Tyrie, Jeb (Bridge Petroleum) | Mulcahy, Matt (Bridge Petroleum) | Leask, Robbie (Bridge Petroleum) | Wahid, Fazrie (Bridge Petroleum) | Arogundade, Olamide (Schlumberger) | Khattak, Iftikhar (Schlumberger) | Apena, Gani (Schlumberger) | Samy, Mohammed (Schlumberger) | Sagar, Rajiv (Schlumberger) | Xia, Tianxiang (TRACS International) | Nyadu, Kofi (WorleyParsons, Advision) | Maizeret, Pierre-David (Schlumberger)
This paper describes the proposed re-development of the Galapagos Field, comprising the abandoned NW Hutton field and the Darwin discovery (Block 211/27 UKCS) which forms a southerly extension. The paper covers the initial concept and analytical evaluation, the static uncertainty model build, the dynamic model history-match, the iterations between static and dynamic modelling, the development subsea and well locations, the optimisation workflow of the advanced Flow Control Valve (FCV) completions in both producers and injectors and the facilities constraints.
The redevelopment plan involved several multi-disciplinary teams. 20 years of production data from 52 wells were analysed to identify the production behaviour and confirm the significant target that provided the basis for the development concept selection. The full Brent sequence compartmentalised stochastic static model was based on reprocessed seismic plus 14 exploration and appraisal wells. Streamlines, uncertainty sensitivities and mostly good detective work honed a history match to RFT, BHP, PLT and oil and water production. P50, P90/P10 models were selected and over 100 FCVs optimised to deliver the profiles against an identified FSPO facilities’ constraints.
Over 1,000 static models were delivered consisting of sheet sands, incised valleys and channels in heterolithic facies overprinted by a depth trend with appropriate uncertainty ranges. The high well count gave a tight STOIIP probabilistic range of 790/883/937 million stb. The early RFTs illustrated extreme differential depletion between Brent zones and subzones of the Ness. To history-match these the dynamic model retained the static model definition in the Upper Ness to capture the thin but extensive shales. The early 18-month depletion and the late steady production-injection phases were simulated separately in prediction mode and matched the Production Analysis estimated ‘future’ production giving confidence to the history matched model. The initial concept development of 4 subsea-centres, to cover the large field area, with an injector in each compartment proved a robust selection.
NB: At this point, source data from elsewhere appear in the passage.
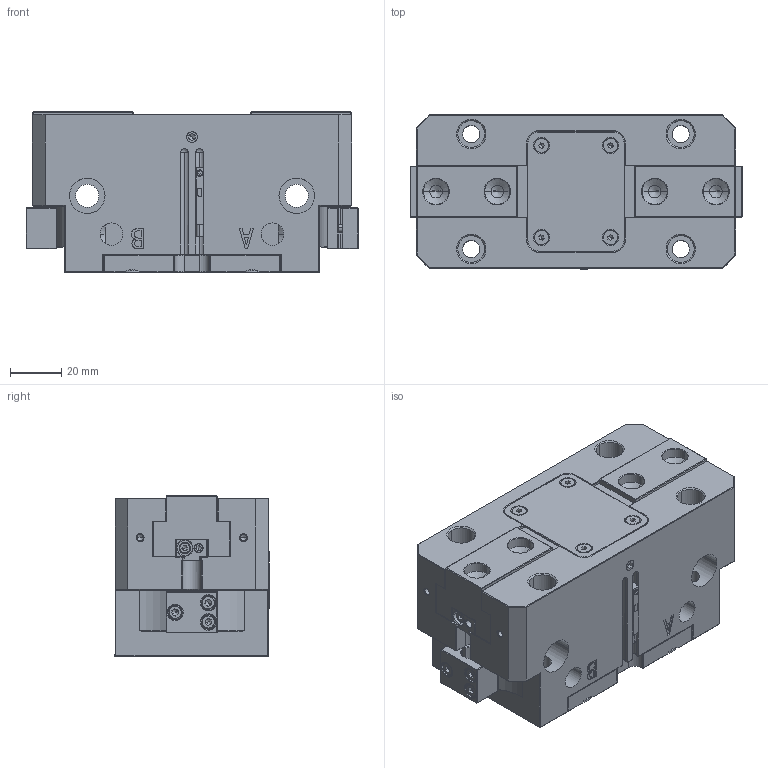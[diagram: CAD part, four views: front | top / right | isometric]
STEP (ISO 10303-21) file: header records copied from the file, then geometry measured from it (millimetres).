
FILE_DESCRIPTION (( 'STEP AP214' ), '1' );
FILE_NAME ('FPT-125A-1×°Åä.STEP', '2024-09-03T09:15:02', ( '' ), ( '' ), 'SwSTEP 2.0', 'SolidWorks 2018', '' );
FILE_SCHEMA (( 'AUTOMOTIVE_DESIGN' ));
Length unit declared in the file: millimetre
Products named in the file (1): FPT-125A-1蚾饜
Bounding box: 130 x 60.61 x 63 mm (x, y, z)
Volume: 376508.4 mm3; surface area: 75833.7 mm2
Topology: 1 solids, 31 shells, 1857 faces, 4461 edges, 2646 vertices
Faces by surface type: plane 1015, cone 406, cylinder 362, bspline 48, torus 22, sphere 4
Entity records: 67793 total; most frequent: CARTESIAN_POINT 13239, DIRECTION 9125, ORIENTED_EDGE 8718, EDGE_CURVE 4359, AXIS2_PLACEMENT_3D 3182, LINE 2761, VECTOR 2761, VERTEX_POINT 2646
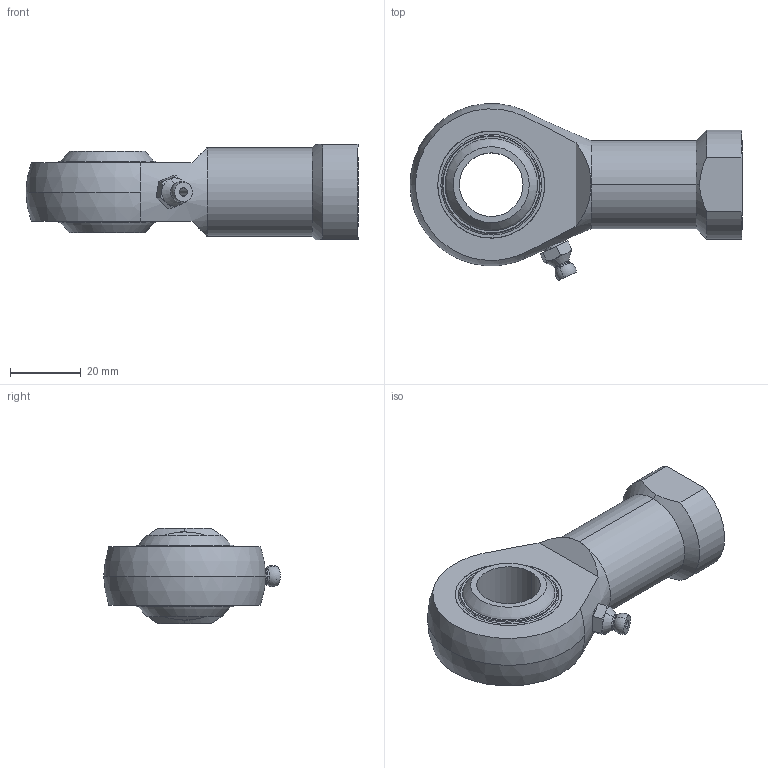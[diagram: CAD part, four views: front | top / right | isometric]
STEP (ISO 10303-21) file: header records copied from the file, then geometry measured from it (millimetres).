
FILE_DESCRIPTION (( 'STEP AP203' ), '1' );
FILE_NAME ('65760.W0218.step', '2014-02-11T16:39:52', ( 'User' ), ( '' ), 'SwSTEP 2.0', 'SolidWorks 2009', '' );
FILE_SCHEMA (( 'CONFIG_CONTROL_DESIGN' ));
Length unit declared in the file: millimetre
Products named in the file (5): Part3_M6; 65760.W0218; Part2_65760.W0218; Part1_65760.W0218; Part4_65760.W0218
Assembly tree (5 placements, depth 2):
  65760.W0218
    Part1_65760.W0218
    Part3_M6
    Part4_65760.W0218  x2
    Part2_65760.W0218
Bounding box: 94 x 50 x 27 mm (x, y, z)
Volume: 40156 mm3; surface area: 20792.1 mm2
Topology: 46 solids, 46 shells, 183 faces, 524 edges, 353 vertices
Faces by surface type: sphere 98, plane 27, torus 22, cylinder 20, cone 16
Entity records: 4815 total; most frequent: CARTESIAN_POINT 909, DIRECTION 814, ORIENTED_EDGE 558, AXIS2_PLACEMENT_3D 385, EDGE_CURVE 279, VERTEX_POINT 208, CIRCLE 207, EDGE_LOOP 189

The horizontal wells increase PI where needed and mitigate internal faulting. The optimisation of the FCVs significantly increased oil production from all zones and drastically reduced water injection and production so that the identified FPSO modifications were relatively modest. The final First Stage Field Development Plan consists of 11 producers and 6 injectors across developed and undeveloped areas confirmed robust P50 reserves of 84 million boe.
Robust concept selection allowed for early identification of production units so that constraints and modifications could be accounted for within the economic model.
The Galapagos field re-development plan is an excellent example of how detailed static and fully history matched dynamic models can lay the foundations for new technology like the optimisation of the FCVs to access bypassed reserves using significantly smaller production units with reduced requirements for power, compression, gas lift, pumping pressure, injection and production. In short, they shrank the facilities.